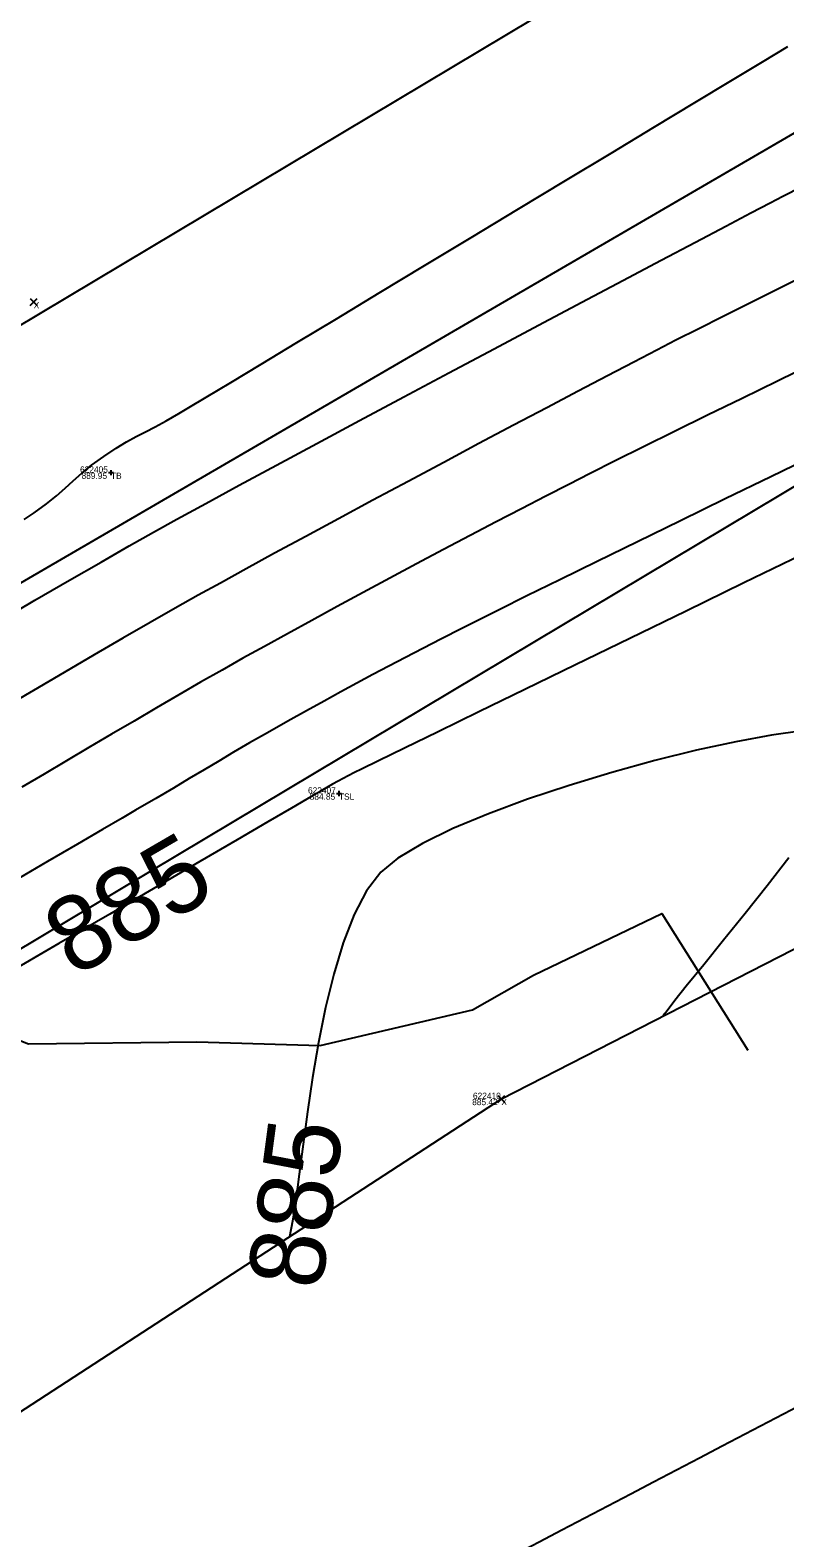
# Model space of a CAD drawing. Extents: x 1957117 to 1971063, y 701601 to 715861.
# Drawn here: x 1965338.4 to 1965380.8, y 708896.8 to 708981.2 of the extents above; entities that cross this region are included whole.
import ezdxf

# ---------------------------------------------------------------- set-up
doc = ezdxf.new("R2010")
doc.units = 0
for name, color, linetype in [('AP_X_Lights', 7, 'Continuous'), ('DT_X_Contour_Major', 7, 'Continuous'), ('DT_X_Contour_Minor', 7, 'Continuous'), ('DT_X_TIN_Hull', 7, 'Continuous'), ('GE_X_CL_20', 7, 'Continuous'), ('PV_P_Drive', 7, 'Continuous'), ('PV_P_Shoulder', 7, 'Continuous'), ('RS_Raster1', 7, 'Continuous'), ('RW_X_Esmt_RR', 7, 'Continuous'), ('RW_X_Fee_RW', 7, 'Continuous'), ('SC_Scratch1', 7, 'Continuous'), ('SC_Shading5', 7, 'Continuous'), ('VG_X_Tree_Line_Rt', 7, 'Continuous')]:
    doc.layers.add(name, color=color, linetype=linetype)

msp = doc.modelspace()

# ---------------------------------------------------------------- linework, layer by layer
at = {"layer": 'AP_X_Lights'}
for p, q in [((1965338.442, 708965.817), (1965338.83, 708966.207)), ((1965338.442, 708966.207), (1965338.83, 708965.817)), ((1965364.666, 708921.179), (1965365.054, 708921.569)), ((1965364.666, 708921.569), (1965365.054, 708921.179))]:
    msp.add_line(p, q, dxfattribs=at)
at = {"layer": 'DT_X_Contour_Major'}
for points in [[(1965338.097, 708953.843), (1965338.658, 708954.2), (1965339.357, 708954.71), (1965339.921, 708955.168), (1965340.403, 708955.593), (1965340.856, 708956.006), (1965341.331, 708956.426), (1965341.882, 708956.871), (1965342.562, 708957.363), (1965343.258, 708957.822), (1965343.85, 708958.182), (1965344.383, 708958.48), (1965344.9, 708958.752), (1965345.444, 708959.034), (1965346.057, 708959.364), (1965346.785, 708959.778), (1965347.331, 708960.103), (1965348.315, 708960.693), (1965349.685, 708961.516), (1965351.391, 708962.543), (1965353.382, 708963.741), (1965355.606, 708965.082), (1965358.013, 708966.532), (1965360.552, 708968.062), (1965363.171, 708969.641), (1965365.821, 708971.238), (1965368.449, 708972.822), (1965371.005, 708974.363), (1965373.438, 708975.828), (1965375.697, 708977.189), (1965377.73, 708978.413), (1965379.488, 708979.469), (1965380.919, 708980.328)], [(1965338.097, 708953.843), (1965338.658, 708954.2), (1965339.357, 708954.71), (1965339.921, 708955.168), (1965340.403, 708955.593), (1965340.856, 708956.006), (1965341.331, 708956.426), (1965341.882, 708956.871), (1965342.562, 708957.363), (1965343.258, 708957.822), (1965343.85, 708958.182), (1965344.383, 708958.48), (1965344.9, 708958.752), (1965345.444, 708959.034), (1965346.057, 708959.364), (1965346.785, 708959.778), (1965347.331, 708960.103), (1965348.315, 708960.693), (1965349.685, 708961.516), (1965351.391, 708962.543), (1965353.382, 708963.741), (1965355.606, 708965.082), (1965358.013, 708966.532), (1965360.552, 708968.062), (1965363.171, 708969.641), (1965365.821, 708971.238), (1965368.449, 708972.822), (1965371.005, 708974.363), (1965373.438, 708975.828), (1965375.697, 708977.189), (1965377.73, 708978.413), (1965379.488, 708979.469), (1965380.919, 708980.328)], [(1965381.7, 708951.852), (1965378.458, 708950.278), (1965375.223, 708948.706), (1965372.056, 708947.168), (1965369.02, 708945.692), (1965366.176, 708944.31), (1965363.587, 708943.051), (1965361.315, 708941.945), (1965359.421, 708941.024), (1965357.967, 708940.316), (1965357.016, 708939.852), (1965356.63, 708939.662), (1965356.269, 708939.477), (1965355.982, 708939.326), (1965355.708, 708939.178), (1965355.387, 708938.999), (1965355.079, 708938.825), (1965354.842, 708938.685), (1965354.605, 708938.544), (1965354.3, 708938.365), (1965353.954, 708938.163), (1965353.094, 708937.662), (1965351.772, 708936.892), (1965350.041, 708935.884), (1965347.95, 708934.668), (1965345.553, 708933.274), (1965342.901, 708931.732), (1965340.046, 708930.073), (1965337.039, 708928.327)], [(1965381.7, 708951.852), (1965378.458, 708950.278), (1965375.223, 708948.706), (1965372.056, 708947.168), (1965369.02, 708945.692), (1965366.176, 708944.31), (1965363.587, 708943.051), (1965361.315, 708941.945), (1965359.421, 708941.024), (1965357.967, 708940.316), (1965357.016, 708939.852), (1965356.63, 708939.662), (1965356.269, 708939.477), (1965355.982, 708939.326), (1965355.708, 708939.178), (1965355.387, 708938.999), (1965355.079, 708938.825), (1965354.842, 708938.685), (1965354.605, 708938.544), (1965354.3, 708938.365), (1965353.954, 708938.163), (1965353.094, 708937.662), (1965351.772, 708936.892), (1965350.041, 708935.884), (1965347.95, 708934.668), (1965345.553, 708933.274), (1965342.901, 708931.732), (1965340.046, 708930.073), (1965337.039, 708928.327)], [(1965381.727, 708941.987), (1965379.996, 708941.753), (1965377.995, 708941.387), (1965375.793, 708940.906), (1965373.457, 708940.327), (1965371.055, 708939.664), (1965368.655, 708938.936), (1965366.325, 708938.158), (1965364.132, 708937.346), (1965362.144, 708936.517), (1965360.43, 708935.686), (1965359.058, 708934.87), (1965358.094, 708934.086), (1965357.296, 708933.04), (1965356.596, 708931.701), (1965355.985, 708930.126), (1965355.456, 708928.369), (1965355, 708926.487), (1965354.609, 708924.536), (1965354.273, 708922.573), (1965353.986, 708920.652), (1965353.739, 708918.831), (1965353.523, 708917.164), (1965353.33, 708915.709), (1965353.152, 708914.521), (1965352.98, 708913.656)], [(1965381.727, 708941.987), (1965379.996, 708941.753), (1965377.995, 708941.387), (1965375.793, 708940.906), (1965373.457, 708940.327), (1965371.055, 708939.664), (1965368.655, 708938.936), (1965366.325, 708938.158), (1965364.132, 708937.346), (1965362.144, 708936.517), (1965360.43, 708935.686), (1965359.058, 708934.87), (1965358.094, 708934.086), (1965357.296, 708933.04), (1965356.596, 708931.701), (1965355.985, 708930.126), (1965355.456, 708928.369), (1965355, 708926.487), (1965354.609, 708924.536), (1965354.273, 708922.573), (1965353.986, 708920.652), (1965353.739, 708918.831), (1965353.523, 708917.164), (1965353.33, 708915.709), (1965353.152, 708914.521), (1965352.98, 708913.656)], [(1965373.929, 708926.016), (1965374.01, 708926.134), (1965374.209, 708926.406), (1965374.588, 708926.901), (1965375.227, 708927.707), (1965376.201, 708928.91), (1965377.317, 708930.284), (1965378.52, 708931.775), (1965379.755, 708933.333), (1965380.966, 708934.905)], [(1965373.929, 708926.016), (1965374.01, 708926.134), (1965374.209, 708926.406), (1965374.588, 708926.901), (1965375.227, 708927.707), (1965376.201, 708928.91), (1965377.317, 708930.284), (1965378.52, 708931.775), (1965379.755, 708933.333), (1965380.966, 708934.905)]]:
    msp.add_lwpolyline(points, dxfattribs=at)
at = {"layer": 'DT_X_Contour_Minor'}
for points in [[(1965336.651, 708948.11), (1965338.71, 708949.308), (1965340.644, 708950.429), (1965342.418, 708951.45), (1965343.998, 708952.352), (1965345.351, 708953.115), (1965346.672, 708953.846), (1965348.291, 708954.732), (1965350.166, 708955.749), (1965352.254, 708956.876), (1965354.515, 708958.091), (1965356.906, 708959.373), (1965359.387, 708960.699), (1965361.914, 708962.047), (1965364.448, 708963.395), (1965366.946, 708964.723), (1965369.366, 708966.006), (1965371.667, 708967.225), (1965373.808, 708968.357), (1965375.746, 708969.379), (1965377.44, 708970.271), (1965378.849, 708971.01), (1965379.931, 708971.574), (1965380.643, 708971.941), (1965381.702, 708972.48)], [(1965336.651, 708948.11), (1965338.71, 708949.308), (1965340.644, 708950.429), (1965342.418, 708951.45), (1965343.998, 708952.352), (1965345.351, 708953.115), (1965346.672, 708953.846), (1965348.291, 708954.732), (1965350.166, 708955.749), (1965352.254, 708956.876), (1965354.515, 708958.091), (1965356.906, 708959.373), (1965359.387, 708960.699), (1965361.914, 708962.047), (1965364.448, 708963.395), (1965366.946, 708964.723), (1965369.366, 708966.006), (1965371.667, 708967.225), (1965373.808, 708968.357), (1965375.746, 708969.379), (1965377.44, 708970.271), (1965378.849, 708971.01), (1965379.931, 708971.574), (1965380.643, 708971.941), (1965381.702, 708972.48)], [(1965381.371, 708967.235), (1965379.979, 708966.549), (1965378.603, 708965.867), (1965377.25, 708965.19), (1965375.926, 708964.524), (1965374.64, 708963.872), (1965373.571, 708963.324), (1965372.284, 708962.656), (1965370.808, 708961.886), (1965369.172, 708961.028), (1965367.406, 708960.097), (1965365.539, 708959.111), (1965363.602, 708958.083), (1965361.623, 708957.031), (1965359.633, 708955.969), (1965357.661, 708954.913), (1965355.736, 708953.879), (1965353.888, 708952.883), (1965352.147, 708951.94), (1965350.542, 708951.065), (1965349.103, 708950.276), (1965347.86, 708949.586), (1965346.576, 708948.863), (1965345.161, 708948.056), (1965343.638, 708947.178), (1965342.026, 708946.243), (1965340.347, 708945.263), (1965338.622, 708944.252), (1965336.87, 708943.223)], [(1965381.371, 708967.235), (1965379.979, 708966.549), (1965378.603, 708965.867), (1965377.25, 708965.19), (1965375.926, 708964.524), (1965374.64, 708963.872), (1965373.571, 708963.324), (1965372.284, 708962.656), (1965370.808, 708961.886), (1965369.172, 708961.028), (1965367.406, 708960.097), (1965365.539, 708959.111), (1965363.602, 708958.083), (1965361.623, 708957.031), (1965359.633, 708955.969), (1965357.661, 708954.913), (1965355.736, 708953.879), (1965353.888, 708952.883), (1965352.147, 708951.94), (1965350.542, 708951.065), (1965349.103, 708950.276), (1965347.86, 708949.586), (1965346.576, 708948.863), (1965345.161, 708948.056), (1965343.638, 708947.178), (1965342.026, 708946.243), (1965340.347, 708945.263), (1965338.622, 708944.252), (1965336.87, 708943.223)], [(1965382.35, 708962.568), (1965380.342, 708961.592), (1965378.354, 708960.621), (1965376.418, 708959.673), (1965374.567, 708958.761), (1965372.831, 708957.903), (1965371.243, 708957.113), (1965369.834, 708956.407), (1965368.636, 708955.802), (1965367.348, 708955.142), (1965365.987, 708954.439), (1965364.568, 708953.7), (1965363.105, 708952.934), (1965361.613, 708952.147), (1965360.106, 708951.347), (1965358.6, 708950.543), (1965357.107, 708949.742), (1965355.644, 708948.952), (1965354.224, 708948.181), (1965352.862, 708947.436), (1965351.572, 708946.725), (1965350.369, 708946.057), (1965349.197, 708945.398), (1965347.995, 708944.712), (1965346.77, 708944.005), (1965345.525, 708943.282), (1965344.267, 708942.545), (1965343.002, 708941.8), (1965341.735, 708941.052), (1965340.472, 708940.305), (1965339.217, 708939.562), (1965337.978, 708938.83)], [(1965382.35, 708962.568), (1965380.342, 708961.592), (1965378.354, 708960.621), (1965376.418, 708959.673), (1965374.567, 708958.761), (1965372.831, 708957.903), (1965371.243, 708957.113), (1965369.834, 708956.407), (1965368.636, 708955.802), (1965367.348, 708955.142), (1965365.987, 708954.439), (1965364.568, 708953.7), (1965363.105, 708952.934), (1965361.613, 708952.147), (1965360.106, 708951.347), (1965358.6, 708950.543), (1965357.107, 708949.742), (1965355.644, 708948.952), (1965354.224, 708948.181), (1965352.862, 708947.436), (1965351.572, 708946.725), (1965350.369, 708946.057), (1965349.197, 708945.398), (1965347.995, 708944.712), (1965346.77, 708944.005), (1965345.525, 708943.282), (1965344.267, 708942.545), (1965343.002, 708941.8), (1965341.735, 708941.052), (1965340.472, 708940.305), (1965339.217, 708939.562), (1965337.978, 708938.83)], [(1965382.535, 708957.474), (1965379.971, 708956.23), (1965377.412, 708954.985), (1965374.903, 708953.763), (1965372.49, 708952.586), (1965370.22, 708951.476), (1965368.139, 708950.457), (1965366.293, 708949.55), (1965364.73, 708948.779), (1965363.494, 708948.165), (1965362.633, 708947.732), (1965361.499, 708947.153), (1965360.453, 708946.614), (1965359.475, 708946.107), (1965358.546, 708945.619), (1965357.645, 708945.142), (1965356.754, 708944.663), (1965355.851, 708944.173), (1965354.917, 708943.66), (1965353.933, 708943.116), (1965352.878, 708942.528), (1965351.741, 708941.889), (1965350.744, 708941.318), (1965349.847, 708940.797), (1965349.01, 708940.304), (1965348.194, 708939.819), (1965347.36, 708939.321), (1965346.468, 708938.79), (1965345.478, 708938.207), (1965344.352, 708937.549), (1965343.596, 708937.11), (1965342.497, 708936.469), (1965341.092, 708935.649), (1965339.419, 708934.673), (1965337.513, 708933.561)], [(1965382.535, 708957.474), (1965379.971, 708956.23), (1965377.412, 708954.985), (1965374.903, 708953.763), (1965372.49, 708952.586), (1965370.22, 708951.476), (1965368.139, 708950.457), (1965366.293, 708949.55), (1965364.73, 708948.779), (1965363.494, 708948.165), (1965362.633, 708947.732), (1965361.499, 708947.153), (1965360.453, 708946.614), (1965359.475, 708946.107), (1965358.546, 708945.619), (1965357.645, 708945.142), (1965356.754, 708944.663), (1965355.851, 708944.173), (1965354.917, 708943.66), (1965353.933, 708943.116), (1965352.878, 708942.528), (1965351.741, 708941.889), (1965350.744, 708941.318), (1965349.847, 708940.797), (1965349.01, 708940.304), (1965348.194, 708939.819), (1965347.36, 708939.321), (1965346.468, 708938.79), (1965345.478, 708938.207), (1965344.352, 708937.549), (1965343.596, 708937.11), (1965342.497, 708936.469), (1965341.092, 708935.649), (1965339.419, 708934.673), (1965337.513, 708933.561)]]:
    msp.add_lwpolyline(points, dxfattribs=at)
at = {"layer": 'DT_X_TIN_Hull'}
msp.add_lwpolyline([(1965152.31, 708796.963), (1965192.253, 708823.809), (1965238.814, 708847.792), (1965278.679, 708868.121), (1965323.082, 708894.232), (1965364.86, 708921.374), (1965402.167, 708940.471), (1965455.165, 708971.534), (1965493.366, 708994.363), (1965531.785, 709019.916), (1965579.047, 709051.126), (1965619.598, 709075.773)], dxfattribs=at)
at = {"layer": 'GE_X_CL_20'}
msp.add_lwpolyline([(1965471.342, 709044.427), (1965160.488, 708858.791)], dxfattribs=at)
at = {"layer": 'PV_P_Drive'}
for p, q in [((1965342.972, 708956.606), (1965342.972, 708956.314)), ((1965342.826, 708956.46), (1965343.118, 708956.46)), ((1965342.972, 708956.46), (1965342.972, 708956.46)), ((1965355.607, 708938.484), (1965355.899, 708938.484)), ((1965355.753, 708938.63), (1965355.753, 708938.338)), ((1965355.753, 708938.484), (1965355.753, 708938.484))]:
    msp.add_line(p, q, dxfattribs=at)
at = {"layer": 'RW_X_Esmt_RR'}
msp.add_lwpolyline([(1965175.869, 708833.035), (1965486.723, 709018.67)], dxfattribs=at)
at = {"layer": 'RW_X_Fee_RW'}
msp.add_lwpolyline([(1963881.046, 707276.431), (1964172.578, 707701.964), (1964668.324, 708419.582), (1964735.207, 708501.875), (1964966.496, 708718.802), (1965107.468, 708816.338), (1965585.552, 709094.216), (1966091.861, 709326.705), (1966247.281, 709386.816), (1966633.174, 709551.737), (1966943.202, 709670.565), (1967172.032, 709812.662), (1967935.697, 710373.174), (1968346.714, 710683.963), (1968484.345, 710796.182), (1968743.632, 711067.038), (1968903.937, 711275.819), (1969041.222, 711501.316), (1969638.166, 712572.015), (1970019.077, 713196.718)], dxfattribs=at)
at = {"layer": 'SC_Shading5'}
for points in [[(1963589.678, 706586.994), (1963626.625, 706689.548), (1963651.76, 706746.832), (1963668.09, 706778.596), (1963682.768, 706805.402), (1963734.424, 706911.594), (1963826.849, 707116.717), (1963877.258, 707215.645), (1963964.981, 707354.472), (1964070.526, 707509.355), (1964132.574, 707601.994), (1964163.9, 707642.169), (1964191.2, 707685.167), (1964278.98, 707807.131), (1964326.11, 707874.364), (1964396.427, 707968.962), (1964508.519, 708133.679), (1964655.588, 708336.552), (1964745.319, 708429.172), (1964840.327, 708522.317), (1964988.178, 708660.245), (1965089.796, 708739.041), (1965251.743, 708835.216), (1965415.807, 708922.048), (1965866.2, 709149.38), (1966173.543, 709294.131), (1966283.627, 709338.196), (1966534.003, 709419.214), (1966689.084, 709471.266), (1967008.468, 709641.817), (1967166.677, 709750.124), (1967422.113, 709931.083), (1967818.707, 710198.831), (1968187.021, 710459.852), (1968360.589, 710592.493), (1968496.543, 710707.847), (1968606.427, 710809.378), (1968733.391, 710937.091), (1968807.28, 711025.4), (1968843.008, 711077.094), (1968863.233, 711106.099), (1968909.747, 711171.311), (1968974.133, 711279.559), (1969130.932, 711546.915), (1969247.433, 711744.686), (1969402.714, 712016.424), (1969505.287, 712191.789), (1969666.311, 712460.805), (1969771.586, 712639.896), (1969880.058, 712820.917), (1969964.994, 712955.706), (1969990.005, 713000.084), (1970030.065, 713068.479)], [(1963609.915, 706579.703), (1963646.615, 706681.572), (1963671.193, 706737.585), (1963687.092, 706768.511), (1963701.884, 706795.526), (1963753.906, 706902.469), (1963846.249, 707107.41), (1963895.973, 707204.994), (1963982.966, 707342.667), (1964088.35, 707497.312), (1964150.015, 707589.379), (1964181.502, 707629.761), (1964209.024, 707673.109), (1964296.517, 707794.674), (1964343.552, 707861.772), (1964413.958, 707956.489), (1964526.123, 708121.313), (1964672.104, 708322.686), (1964760.576, 708414.006), (1964855.195, 708506.77), (1965002.134, 708643.847), (1965101.925, 708721.226), (1965262.272, 708816.451), (1965425.685, 708902.939), (1965875.63, 709130.044), (1966182.13, 709274.398), (1966290.944, 709317.954), (1966540.737, 709398.785), (1966697.632, 709451.445), (1967019.644, 709623.399), (1967178.971, 709732.471), (1967434.35, 709913.39), (1967830.945, 710181.14), (1968199.774, 710442.525), (1968374.086, 710575.735), (1968510.806, 710691.739), (1968621.36, 710793.889), (1968749.296, 710922.58), (1968824.413, 711012.355), (1968860.678, 711064.827), (1968880.812, 711093.701), (1968927.778, 711159.547), (1968992.655, 711268.62), (1969149.476, 711536.015), (1969266.039, 711733.891), (1969421.336, 712005.657), (1969523.8, 712180.835), (1969684.812, 712449.831), (1969790.084, 712628.917), (1969898.385, 712809.653), (1969983.474, 712944.685), (1970008.657, 712989.367), (1970048.626, 713057.607)]]:
    msp.add_spline(points, degree=3, dxfattribs=at)
at = {"layer": 'VG_X_Tree_Line_Rt'}
msp.add_lwpolyline([(1965306.395, 708896.441), (1965318.913, 708902.642), (1965326.439, 708905.979), (1965328.184, 708911.004), (1965324.494, 708916.119), (1965321.897, 708924.719), (1965320.856, 708931.887), (1965318.756, 708938.009), (1965315.548, 708943.321), (1965314.844, 708946.92), (1965318.869, 708950.391), (1965324.425, 708951.179), (1965328.192, 708944.302), (1965329.405, 708936.155), (1965330.037, 708933.918), (1965333.818, 708926.256), (1965338.341, 708924.468), (1965347.787, 708924.581), (1965354.692, 708924.371), (1965363.231, 708926.358), (1965366.667, 708928.301), (1965373.861, 708931.76), (1965378.68, 708924.108)], dxfattribs=at)

# ---------------------------------------------------------------- texts
at = {"layer": 'DT_X_Contour_Major'}
for rotation, p in [(30.17034, (1965340.905, 708928.143)), (82.44582, (1965354.772, 708910.611))]:
    msp.add_text('885', height=4.2, rotation=rotation, dxfattribs=at).set_placement(p)
at = {"layer": 'PV_P_Shoulder'}
for s, p in [('889.95', (1965341.321, 708956.11)), ('884.85', (1965354.111, 708938.134)), ('885.42', (1965363.22, 708921.024))]:
    msp.add_text(s, height=0.35, dxfattribs=at).set_placement(p)
at = {"layer": 'RS_Raster1'}
for s, p in [('622405', (1965341.236, 708956.46)), ('622407', (1965354.017, 708938.484)), ('622410', (1965363.265, 708921.374))]:
    msp.add_text(s, height=0.35, dxfattribs=at).set_placement(p)
at = {"layer": 'SC_Scratch1'}
for s, p in [('X', (1965338.636, 708965.662)), ('TB', (1965342.972, 708956.11)), ('TSL', (1965355.753, 708938.134)), ('X', (1965364.86, 708921.024))]:
    msp.add_text(s, height=0.35, dxfattribs=at).set_placement(p)

doc.saveas('drawing.dxf')

(DIRECTIONS FOR THIS TASK): In the entries above, the lines between the one holding "for name, color, linetype" and the one holding "msp = doc.modelspace()", inclusive, are to be printed exactly as written, and those alone.

(ANSWER TO THE PROBLEM):
for name, color, linetype in [('AP_X_Lights', 7, 'Continuous'), ('DT_X_Contour_Major', 7, 'Continuous'), ('DT_X_Contour_Minor', 7, 'Continuous'), ('DT_X_TIN_Hull', 7, 'Continuous'), ('GE_X_CL_20', 7, 'Continuous'), ('PV_P_Drive', 7, 'Continuous'), ('PV_P_Shoulder', 7, 'Continuous'), ('RS_Raster1', 7, 'Continuous'), ('RW_X_Esmt_RR', 7, 'Continuous'), ('RW_X_Fee_RW', 7, 'Continuous'), ('SC_Scratch1', 7, 'Continuous'), ('SC_Shading5', 7, 'Continuous'), ('VG_X_Tree_Line_Rt', 7, 'Continuous')]:
    doc.layers.add(name, color=color, linetype=linetype)

msp = doc.modelspace()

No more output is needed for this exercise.